Monday, October 20, 2008

Sarah's Key

by Tatiana de Rosnay
Read October 2008

This was another that I picked up from the stack of prepublication books in the break room at the library.

The cover is what first attracted to this book. This isn't the kind of book I would normally pick up. Historical fiction about the Holocaust. But the plot was interesting enough that it drew me in.

Sarah hides her little brother in a hidden closet when the French police come to her family's apartment in Paris in order to round up all Jews. Because her parents have never told her about Nazis or any of the events happening in Europe at the time, Sarah has no reason to think that she won't come back to let her little brother out of the closet. She keeps the key in her pocket.

Needless to say, neither she nor her parents returned to the apartment. They ended up in camps - her father in one and she and her mother in another. Sarah escapes and tries to make her way back to the apartment to release the little boy.

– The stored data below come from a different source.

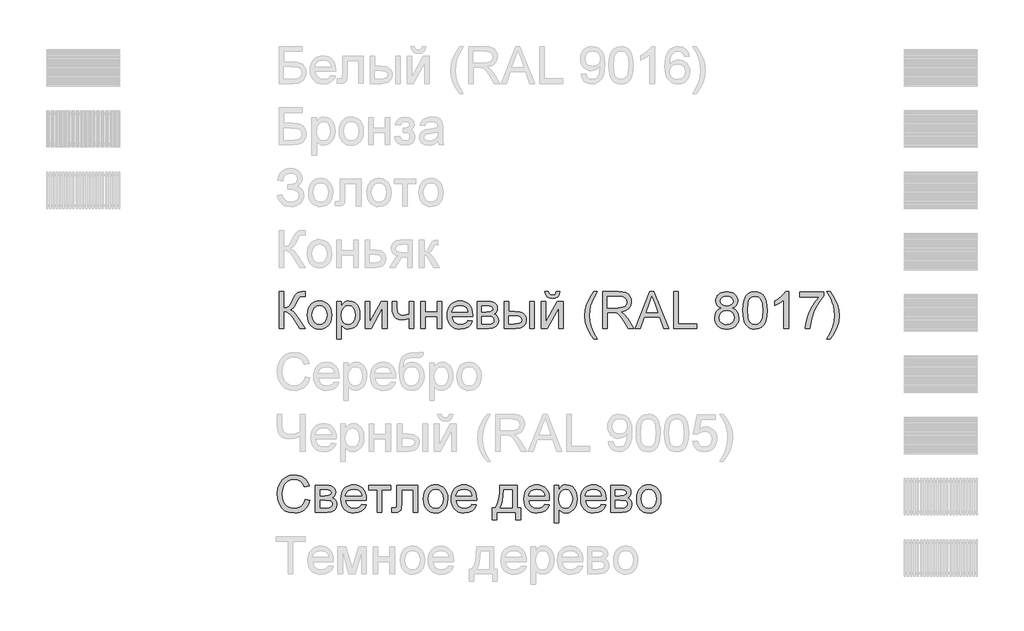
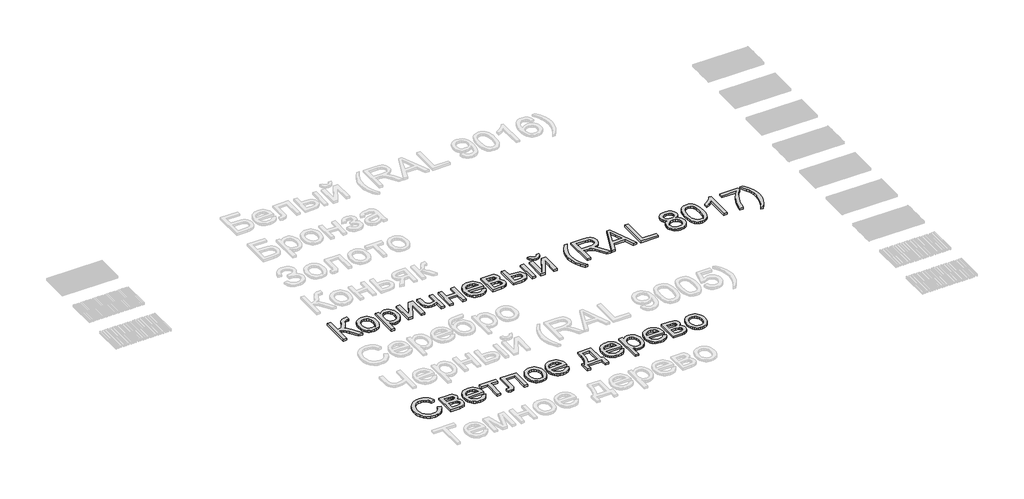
# One storey, part 5 of 10: 2 proxies.
"""IFC4 building model written with IfcOpenShell, lengths in millimetres."""

from ifc_helpers import new_model, si_unit, origin, origin_with_axes, place, context, project, spatial, polyline, outline, extrude, element, save

model = new_model("IFC4")

# Units and contexts
model_context = context("Model", 3, world=origin())
ifc_project = project(units=[si_unit("LENGTHUNIT", "METRE", prefix="MILLI")], contexts=[model_context])

# Site, building, storey
site = spatial("IfcSite", under=ifc_project)
building = spatial("IfcBuilding", under=site)
storey = spatial("IfcBuildingStorey", under=building, Name="Уровень 1", Elevation=0.0)

# Proxies
placement = place(None, origin())
element("IfcBuildingElementProxy", 1, Name="300", ObjectType="300", at=placement, inside=storey, context=model_context, shape_type="SweptSolid", body=[
    extrude(outline(polyline([(7102.1636245, -20213.7438159), (7139.8347408, -20213.7438159), (7139.8347408, -20345.592723), (7165.3381601, -20343.1003225), (7181.9572292, -20335.6231209), (7195.3941191, -20318.0291645), (7211.3510007, -20285.1864994), (7232.1363334, -20243.0640109), (7242.1611178, -20231.650472), (7255.6807811, -20222.2051018), (7271.7296331, -20215.8591374), (7289.3419836, -20213.7438159), (7314.0636537, -20214.1852743), (7314.0636537, -20251.8563906), (7305.7495206, -20251.6356614), (7297.4353875, -20251.4149322), (7280.181722, -20253.6774065), (7268.0048279, -20260.4648293), (7257.5201911, -20274.7202566), (7245.6376026, -20299.2395916), (7231.0602786, -20329.7737972), (7218.966158, -20346.4756398), (7192.9569009, -20362.0738364), (7207.5480205, -20368.2818451), (7222.0379726, -20379.1067728), (7250.7143741, -20414.6073853), (7314.0636537, -20515.1127464), (7270.3592727, -20515.1127464), (7216.7956542, -20430.2055819), (7196.111489, -20402.9731172), (7179.0877497, -20385.8758015), (7161.6777343, -20376.8534955), (7139.8347408, -20373.8460602), (7139.8347408, -20515.1127464), (7102.1636245, -20515.1127464), (7102.1636245, -20213.7438159)])), origin_with_axes(), (0.0, 0.0, 1.0), 20.0),
    extrude(outline(polyline([(7332.8992119, -20404.4538422), (7334.9363584, -20375.7912363), (7341.0477981, -20351.0925588), (7351.2335308, -20330.3578099), (7365.4935566, -20313.5869894), (7379.8501515, -20302.8678278), (7395.6966684, -20295.2112838), (7413.0331075, -20290.6173573), (7431.8594686, -20289.0860485), (7452.642502, -20290.9507504), (7471.4343742, -20296.544856), (7488.2350851, -20305.8683653), (7503.0446346, -20318.9212784), (7515.1318574, -20335.2621367), (7523.765588, -20354.449482), (7528.9458264, -20376.4833143), (7530.6725725, -20401.3636335), (7527.6191519, -20439.4210259), (7518.4588902, -20468.391733), (7503.4585019, -20490.0875737), (7482.8847013, -20506.3203667), (7458.4481398, -20516.4463186), (7431.8594686, -20519.8216359), (7410.7729325, -20517.9638318), (7391.8063163, -20512.3904196), (7374.9596202, -20503.1013992), (7360.2328441, -20490.0967707), (7348.27438, -20473.5972632), (7339.7326199, -20453.823606), (7334.6075639, -20430.775799), (7332.8992119, -20404.4538422)]), holes=[polyline([(7370.5703282, -20404.3802658), (7374.9297298, -20438.4737297), (7388.0079347, -20462.7631385), (7407.6896215, -20477.3036743), (7431.8594686, -20482.1505196), (7455.9189511, -20477.2760832), (7475.5638496, -20462.6527739), (7488.6420545, -20438.0414684), (7493.0014562, -20403.2030434), (7488.6144634, -20370.1028609), (7475.453485, -20346.144546), (7455.7809953, -20331.6040101), (7431.8594686, -20326.7571648), (7407.6896215, -20331.585616), (7388.0079347, -20346.0709696), (7374.9297298, -20370.305196), (7370.5703282, -20404.3802658)])]), origin_with_axes(), (0.0, 0.0, 1.0), 20.0),
    extrude(outline(polyline([(7573.0525783, -20599.8727581), (7573.0525783, -20293.7949381), (7610.7236946, -20293.7949381), (7610.7236946, -20330.7302904), (7623.0109533, -20312.5109346), (7636.7697399, -20299.497109), (7652.8093949, -20291.6888137), (7671.9392586, -20289.0860485), (7697.4150868, -20292.7280803), (7719.6903416, -20303.6541756), (7737.826924, -20321.2021467), (7750.8867348, -20344.7098062), (7758.7778036, -20372.4665028), (7761.4081598, -20402.7615851), (7758.4375127, -20434.9788508), (7749.5255714, -20463.7932081), (7734.9574444, -20487.7423259), (7715.0182403, -20505.3638735), (7691.7956893, -20516.2071953), (7667.3775219, -20519.8216359), (7650.059477, -20517.4028118), (7634.5992361, -20510.1463394), (7621.3646813, -20499.192653), (7610.7236946, -20485.6821868), (7610.7236946, -20599.8727581), (7573.0525783, -20599.8727581)]), holes=[polyline([(7610.7236946, -20406.2196758), (7614.7979877, -20439.991243), (7627.020867, -20463.6092671), (7645.0562818, -20477.5152065), (7666.5681815, -20482.1505196), (7688.4295691, -20477.3496596), (7706.9248364, -20462.9470795), (7719.5339917, -20438.4645327), (7723.7370435, -20403.4237726), (7719.6351593, -20369.8361465), (7707.3295066, -20345.8870286), (7689.3216829, -20331.5396308), (7668.1132859, -20326.7571648), (7646.8221154, -20331.8431334), (7628.124513, -20347.1010392), (7615.0738992, -20372.0526355), (7610.7236946, -20406.2196758)])]), origin_with_axes(), (0.0, 0.0, 1.0), 20.0),
    extrude(outline(polyline([(7803.7881657, -20293.7949381), (7841.459282, -20293.7949381), (7841.459282, -20462.5791975), (7934.018392, -20293.7949381), (7982.7259681, -20293.7949381), (7982.7259681, -20515.1127464), (7945.0548518, -20515.1127464), (7945.0548518, -20347.3585566), (7853.084353, -20515.1127464), (7803.7881657, -20515.1127464), (7803.7881657, -20293.7949381)])), origin_with_axes(), (0.0, 0.0, 1.0), 20.0),
    extrude(outline(polyline([(8025.105974, -20293.7949381), (8062.7770903, -20293.7949381), (8062.7770903, -20336.2485203), (8065.8305109, -20376.0533522), (8071.026844, -20387.623241), (8080.5090025, -20397.6112371), (8093.6056015, -20404.5090245), (8109.6452565, -20406.808287), (8132.6930635, -20403.9572015), (8161.6637706, -20395.4039451), (8161.6637706, -20293.7949381), (8199.3348869, -20293.7949381), (8199.3348869, -20515.1127464), (8161.6637706, -20515.1127464), (8161.6637706, -20431.5299571), (8129.5108842, -20441.2420417), (8099.5652898, -20444.4794033), (8076.7841973, -20441.104086), (8056.8541902, -20430.9781341), (8041.3203729, -20415.9593516), (8031.7278499, -20397.9055427), (8026.761443, -20377.3593333), (8025.105974, -20354.8633493), (8025.105974, -20293.7949381)])), origin_with_axes(), (0.0, 0.0, 1.0), 20.0),
    extrude(outline(polyline([(8255.8415614, -20293.7949381), (8293.5126777, -20293.7949381), (8293.5126777, -20378.5549498), (8392.399358, -20378.5549498), (8392.399358, -20293.7949381), (8430.0704743, -20293.7949381), (8430.0704743, -20515.1127464), (8392.399358, -20515.1127464), (8392.399358, -20416.2260661), (8293.5126777, -20416.2260661), (8293.5126777, -20515.1127464), (8255.8415614, -20515.1127464), (8255.8415614, -20293.7949381)])), origin_with_axes(), (0.0, 0.0, 1.0), 20.0),
    extrude(outline(polyline([(8641.5290451, -20449.1882928), (8678.4643974, -20453.8971824), (8665.1562662, -20481.7274553), (8643.9202781, -20502.5311821), (8615.2346795, -20515.4990225), (8579.5777171, -20519.8216359), (8556.2034149, -20517.9569341), (8535.3766954, -20512.3628285), (8517.0975588, -20503.0393192), (8501.3660049, -20489.9864061), (8488.7154628, -20473.5673728), (8479.6793613, -20454.1455027), (8474.2577004, -20431.7207959), (8472.4504801, -20406.2932522), (8474.2760945, -20380.0034851), (8479.7529377, -20356.831518), (8488.8810097, -20336.7773507), (8501.6603105, -20319.8409833), (8517.3504776, -20306.3856994), (8535.2111485, -20296.7747822), (8555.2423231, -20291.008232), (8577.4440015, -20289.0860485), (8598.9306093, -20291.0036334), (8618.3616765, -20296.7563881), (8635.7372029, -20306.3443126), (8651.0571888, -20319.7674069), (8663.5628774, -20336.6669861), (8672.4955121, -20356.6843652), (8677.8550929, -20379.8195441), (8679.6416198, -20406.072523), (8679.4208906, -20416.2260661), (8510.1215964, -20416.2260661), (8516.6423048, -20444.424221), (8531.7898459, -20465.1543714), (8553.6512335, -20477.9014826), (8580.3134811, -20482.1505196), (8600.3630498, -20480.1823509), (8617.2488334, -20474.2778449), (8630.9708318, -20464.0691195), (8641.5290451, -20449.1882928)]), holes=[polyline([(8510.1215964, -20378.5549498), (8641.9705035, -20378.5549498), (8636.8753379, -20358.6525338), (8626.8873417, -20344.4155006), (8604.9247866, -20331.1717488), (8577.2968488, -20326.7571648), (8551.903794, -20330.279635), (8530.9069292, -20340.8470453), (8516.311211, -20357.3189616), (8510.1215964, -20378.5549498)])]), origin_with_axes(), (0.0, 0.0, 1.0), 20.0),
    extrude(outline(polyline([(8717.3127361, -20293.7949381), (8800.3069142, -20293.7949381), (8826.9875559, -20295.0549339), (8845.813917, -20298.8349214), (8859.6646741, -20305.9718321), (8871.4185039, -20317.3025976), (8879.4475284, -20332.0638626), (8882.12387, -20349.4922722), (8880.5051892, -20363.5361673), (8875.6491468, -20375.648682), (8867.5373488, -20385.8849985), (8856.1514011, -20394.3002992), (8870.0941287, -20402.1269886), (8881.4616824, -20414.7177499), (8889.0216574, -20431.0793016), (8891.541649, -20450.2183624), (8885.1588964, -20478.9315522), (8869.9837641, -20499.1466678), (8845.9610698, -20511.1212267), (8813.0356313, -20515.1127464), (8717.3127361, -20515.1127464), (8717.3127361, -20293.7949381)]), holes=[polyline([(8754.9838524, -20378.5549498), (8792.2135103, -20378.5549498), (8822.9316569, -20376.6419634), (8837.8676659, -20368.9900179), (8842.8064817, -20362.6624476), (8844.4527536, -20355.1576549), (8841.56488, -20343.9188599), (8832.901259, -20336.6899787), (8817.2478801, -20332.7720355), (8793.3907327, -20331.4660544), (8754.9838524, -20331.4660544), (8754.9838524, -20378.5549498)]), polyline([(8754.9838524, -20477.4416301), (8801.189831, -20477.4416301), (8826.3713536, -20475.7401758), (8842.1718853, -20470.6358132), (8850.6515653, -20461.3559898), (8853.8705327, -20447.1281537), (8852.261049, -20437.7011775), (8847.4325978, -20428.9915713), (8840.0197756, -20422.1765573), (8830.6571788, -20418.433358), (8797.5110111, -20416.2260661), (8754.9838524, -20416.2260661), (8754.9838524, -20477.4416301)])]), origin_with_axes(), (0.0, 0.0, 1.0), 20.0),
    extrude(outline(polyline([(9145.8216841, -20293.7949381), (9183.4928004, -20293.7949381), (9183.4928004, -20515.1127464), (9145.8216841, -20515.1127464), (9145.8216841, -20293.7949381)])), origin_with_axes(), (0.0, 0.0, 1.0), 20.0),
    extrude(outline(polyline([(8938.6305444, -20293.7949381), (8976.3016607, -20293.7949381), (8976.3016607, -20373.8460602), (9022.8755213, -20373.8460602), (9063.1310086, -20378.5641468), (9079.3477068, -20384.4617551), (9092.9570414, -20392.7184066), (9103.7244875, -20403.0489929), (9111.4155205, -20415.1684053), (9116.0301403, -20429.076644), (9117.5683469, -20444.7737089), (9112.4088019, -20471.7302621), (9096.9301669, -20494.4745665), (9085.0682719, -20503.5037702), (9070.1207665, -20509.9532014), (9030.9689252, -20515.1127464), (8938.6305444, -20515.1127464), (8938.6305444, -20293.7949381)]), holes=[polyline([(8976.3016607, -20477.4416301), (9015.0028466, -20477.4416301), (9045.0036233, -20475.4642644), (9064.9612216, -20469.5321672), (9076.1632283, -20459.4062153), (9079.8972306, -20444.8472853), (9077.1289185, -20432.5416326), (9068.8239825, -20421.6707196), (9051.0644792, -20414.0555623), (9019.9324653, -20411.5171765), (8976.3016607, -20411.5171765), (8976.3016607, -20477.4416301)])]), origin_with_axes(), (0.0, 0.0, 1.0), 20.0),
    extrude(outline(polyline([(9239.9994749, -20293.7949381), (9277.6705912, -20293.7949381), (9277.6705912, -20462.5791975), (9370.2297012, -20293.7949381), (9418.9372773, -20293.7949381), (9418.9372773, -20515.1127464), (9381.266161, -20515.1127464), (9381.266161, -20347.3585566), (9289.2956622, -20515.1127464), (9239.9994749, -20515.1127464), (9239.9994749, -20293.7949381)])), origin_with_axes(), (0.0, 0.0, 1.0), 20.0),
    extrude(outline(polyline([(9362.4306029, -20213.7438159), (9390.6839401, -20213.7438159), (9384.6046901, -20237.8676778), (9372.4002049, -20255.6455752), (9354.6223075, -20266.5992616), (9331.8228209, -20270.2504904), (9307.0827567, -20266.6268527), (9287.8977106, -20255.7559398), (9274.7827175, -20238.0056335), (9268.2528121, -20213.7438159), (9296.5061493, -20213.7438159), (9300.4792749, -20226.1506362), (9307.1011508, -20234.9706071), (9316.4085653, -20240.2405166), (9328.4383065, -20241.9971532), (9342.0131521, -20240.2956989), (9351.8356014, -20235.1913363), (9358.4574773, -20226.4265477), (9362.4306029, -20213.7438159)])), origin_with_axes(), (0.0, 0.0, 1.0), 20.0),
    extrude(outline(polyline([(9668.5084228, -20599.8727581), (9639.3169865, -20558.9090979), (9615.0183807, -20511.5075028), (9598.6292379, -20459.9672353), (9593.1661902, -20406.5875578), (9597.2496804, -20359.7745739), (9609.5001508, -20314.984941), (9633.8171507, -20264.2540139), (9668.5084228, -20213.7438159), (9696.7617601, -20213.7438159), (9661.5186649, -20273.4142755), (9640.328662, -20331.2453252), (9633.2101454, -20368.9348356), (9630.8373065, -20406.808287), (9634.9575849, -20455.1019959), (9647.3184199, -20503.3773107), (9667.9198117, -20551.6342315), (9696.7617601, -20599.8727581), (9668.5084228, -20599.8727581)])), origin_with_axes(), (0.0, 0.0, 1.0), 20.0),
    extrude(outline(polyline([(9739.1417659, -20515.1127464), (9739.1417659, -20213.7438159), (9869.0041102, -20213.7438159), (9903.9069145, -20215.776364), (9929.2999692, -20221.874008), (9947.8596159, -20233.1311971), (9962.262196, -20250.64238), (9971.5052311, -20272.3566148), (9974.5862428, -20296.2229593), (9969.4818801, -20325.9110363), (9954.1687921, -20350.5223417), (9942.5690129, -20360.5517246), (9928.1871262, -20368.5669536), (9891.0770299, -20378.5549498), (9912.487762, -20394.6681812), (9943.0219676, -20433.4429435), (9993.2746482, -20515.1127464), (9949.4966908, -20515.1127464), (9910.2804701, -20452.6463836), (9881.9535564, -20411.2964473), (9862.0511405, -20391.7619134), (9844.1352873, -20384.5882145), (9822.2830968, -20383.2638393), (9776.8128822, -20383.2638393), (9776.8128822, -20515.1127464), (9739.1417659, -20515.1127464)]), holes=[polyline([(9776.8128822, -20345.592723), (9861.1314355, -20345.592723), (9885.3472679, -20344.2591508), (9904.1368408, -20340.2584341), (9918.2819035, -20333.3238585), (9928.5642052, -20323.1887095), (9934.8273962, -20310.929042), (9936.9151265, -20297.6209108), (9932.9328039, -20279.2452052), (9920.9858361, -20264.4379549), (9900.4304297, -20254.6706879), (9870.622791, -20251.4149322), (9776.8128822, -20251.4149322), (9776.8128822, -20345.592723)])]), origin_with_axes(), (0.0, 0.0, 1.0), 20.0),
    extrude(outline(polyline([(10005.414754, -20515.1127464), (10125.7121664, -20213.7438159), (10157.7914764, -20213.7438159), (10278.0888889, -20515.1127464), (10238.284057, -20515.1127464), (10203.7767258, -20420.9349556), (10079.6533407, -20420.9349556), (10045.2195859, -20515.1127464), (10005.414754, -20515.1127464)]), holes=[polyline([(10093.4857037, -20383.2638393), (10190.0179392, -20383.2638393), (10162.868248, -20309.1724055), (10141.7518214, -20251.4149322), (10122.9898397, -20302.6976824), (10093.4857037, -20383.2638393)])]), origin_with_axes(), (0.0, 0.0, 1.0), 20.0),
    extrude(outline(polyline([(10318.3351791, -20515.1127464), (10318.3351791, -20213.7438159), (10356.0062954, -20213.7438159), (10356.0062954, -20477.4416301), (10506.6907607, -20477.4416301), (10506.6907607, -20515.1127464), (10318.3351791, -20515.1127464)])), origin_with_axes(), (0.0, 0.0, 1.0), 20.0),
    extrude(outline(polyline([(10707.55433, -20349.1243902), (10687.3851996, -20339.1915763), (10673.2309399, -20325.7270953), (10664.8708215, -20309.0068586), (10662.0841154, -20289.3067777), (10663.6016286, -20273.9431059), (10668.1541683, -20259.857824), (10675.7417345, -20247.0509321), (10686.3643271, -20235.52243), (10699.5115099, -20225.9942864), (10714.6728466, -20219.1884695), (10751.0379819, -20213.7438159), (10787.6238463, -20219.3172282), (10802.9507299, -20226.2839934), (10816.3002478, -20236.0374648), (10827.1159785, -20247.7912946), (10834.8415004, -20260.7591349), (10839.4768135, -20274.9409858), (10841.0219179, -20290.3368473), (10838.272, -20309.4023317), (10830.0222462, -20325.8374599), (10816.1806861, -20339.2191674), (10796.6553493, -20349.1243902), (10819.841112, -20361.0713579), (10836.7176985, -20378.6653144), (10847.0091973, -20401.0601308), (10850.4396969, -20427.4096787), (10848.7382427, -20446.1992516), (10843.63388, -20463.4253261), (10835.1266089, -20479.087902), (10823.2164293, -20493.1869795), (10808.5287406, -20504.8396417), (10791.6889423, -20513.1629718), (10772.6970343, -20518.1569699), (10751.5530166, -20519.8216359), (10730.408999, -20518.1500721), (10711.417091, -20513.1353807), (10694.5772926, -20504.7775616), (10679.889604, -20493.0766149), (10667.9794244, -20478.8786691), (10659.4721533, -20463.0298529), (10654.3677906, -20445.5301663), (10652.6663363, -20426.3796091), (10656.2347917, -20399.0091887), (10666.9401578, -20376.4948106), (10684.2306115, -20359.609027), (10707.55433, -20349.1243902)]), holes=[polyline([(10699.7552317, -20290.4104237), (10703.0937608, -20306.8547489), (10713.1093481, -20319.9881361), (10729.5076881, -20328.5965748), (10751.994475, -20331.4660544), (10773.9570302, -20328.6149689), (10790.1070497, -20320.0617125), (10800.0398636, -20307.3697837), (10803.3508016, -20292.1026809), (10799.929499, -20276.256164), (10789.6655913, -20263.1503679), (10773.2948426, -20254.3487911), (10751.5530166, -20251.4149322), (10729.673235, -20254.2844118), (10713.3300773, -20262.8928505), (10703.1489431, -20275.5112029), (10699.7552317, -20290.4104237)]), polyline([(10690.3374526, -20425.055234), (10696.6282348, -20453.4189358), (10705.337841, -20465.5866328), (10718.8850955, -20474.6457269), (10735.1086915, -20480.2743214), (10751.8473222, -20482.1505196), (10777.4886973, -20478.2049852), (10796.7289257, -20466.368382), (10808.7586669, -20448.4433318), (10812.7685806, -20426.2324563), (10808.6299082, -20403.6445018), (10796.2138909, -20385.3239785), (10776.5322041, -20373.1838726), (10750.5965235, -20369.1371707), (10725.3138333, -20373.1286903), (10706.266743, -20385.1032493), (10694.3197752, -20403.0742847), (10690.3374526, -20425.055234)])]), origin_with_axes(), (0.0, 0.0, 1.0), 20.0),
    extrude(outline(polyline([(10883.4019237, -20366.8563023), (10886.1702357, -20318.6177757), (10894.4751718, -20280.1465161), (10908.2339584, -20250.8539122), (10927.3638221, -20230.1513529), (10952.0027188, -20217.8457002), (10982.288604, -20213.7438159), (11005.5019579, -20216.1718371), (11026.2872906, -20223.4559006), (11043.6697149, -20235.3108979), (11056.6743434, -20251.4517204), (11066.4967927, -20271.7404125), (11074.3326792, -20296.0390183), (11079.464633, -20326.8951206), (11081.1752843, -20366.8563023), (11078.4345635, -20414.8189174), (11070.2124009, -20453.1982066), (11056.5363877, -20482.5184016), (11037.4341151, -20503.3037343), (11012.7400362, -20515.6921605), (10982.288604, -20519.8216359), (10961.5400595, -20518.0282112), (10943.1459597, -20512.647937), (10927.1063047, -20503.6808134), (10913.4210945, -20491.1268403), (10900.2877073, -20468.4331197), (10890.9067164, -20440.1567899), (10885.2781219, -20406.2978507), (10883.4019237, -20366.8563023)]), holes=[polyline([(10921.07304, -20366.7827259), (10925.487624, -20426.0393183), (10931.0058539, -20446.307317), (10938.7313758, -20460.3351173), (10958.4498507, -20476.696669), (10982.288604, -20482.1505196), (11006.1273573, -20476.6782749), (11025.8458322, -20460.2615409), (11033.5713541, -20446.2107479), (11039.0895841, -20425.9473478), (11043.504168, -20366.7827259), (11039.2367369, -20308.8597058), (11033.9024479, -20288.6583857), (11026.4344434, -20274.2971923), (11006.7527567, -20257.1354973), (10981.8471456, -20251.4149322), (10958.2659097, -20256.4549156), (10939.319987, -20271.5748656), (10931.3369477, -20287.2098504), (10925.6347768, -20308.2894887), (10921.07304, -20366.7827259)])]), origin_with_axes(), (0.0, 0.0, 1.0), 20.0),
    extrude(outline(polyline([(11255.4041972, -20515.1127464), (11217.7330809, -20515.1127464), (11217.7330809, -20280.2568807), (11182.0485274, -20305.6775265), (11142.3908483, -20324.6970257), (11142.3908483, -20289.0860485), (11171.9777578, -20272.9912113), (11197.6099358, -20253.8429534), (11217.8158544, -20233.480685), (11231.1239856, -20213.7438159), (11255.4041972, -20213.7438159), (11255.4041972, -20515.1127464)])), origin_with_axes(), (0.0, 0.0, 1.0), 20.0),
    extrude(outline(polyline([(11344.8730985, -20256.1238218), (11344.8730985, -20218.4527055), (11542.6464591, -20218.4527055), (11542.6464591, -20248.9133347), (11514.4575012, -20284.5886912), (11486.5444548, -20329.9577382), (11461.9239523, -20380.8818034), (11443.612626, -20433.2222143), (11434.6363053, -20472.3832526), (11429.6331102, -20515.1127464), (11391.9619938, -20515.1127464), (11396.0362869, -20476.2828018), (11406.9347911, -20430.1320055), (11424.3632006, -20381.2128972), (11448.0272099, -20334.0780166), (11475.6551478, -20291.4680845), (11504.9753428, -20256.1238218), (11344.8730985, -20256.1238218)])), origin_with_axes(), (0.0, 0.0, 1.0), 20.0),
    extrude(outline(polyline([(11594.444244, -20599.8727581), (11566.1909068, -20599.8727581), (11595.0328552, -20551.6342315), (11615.6342469, -20503.3773107), (11627.995082, -20455.1019959), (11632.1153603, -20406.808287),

The book alternates between Sarah's time and present day when Julia, an American living in Paris with her child and husband Bertrand. Bertrand's family lived in the apartment that used to belong to Sarah's family. Julia tries to understand how the roundup of Jews by the French Police could ever have happened and why no one seems to care about it any more. She slowly unravels the mystery of Sarah along the way.

Very very good. I read this a second time for Dunbar's Reading Extravaganza. The Extravaganza discussion was one of the best ones I've had.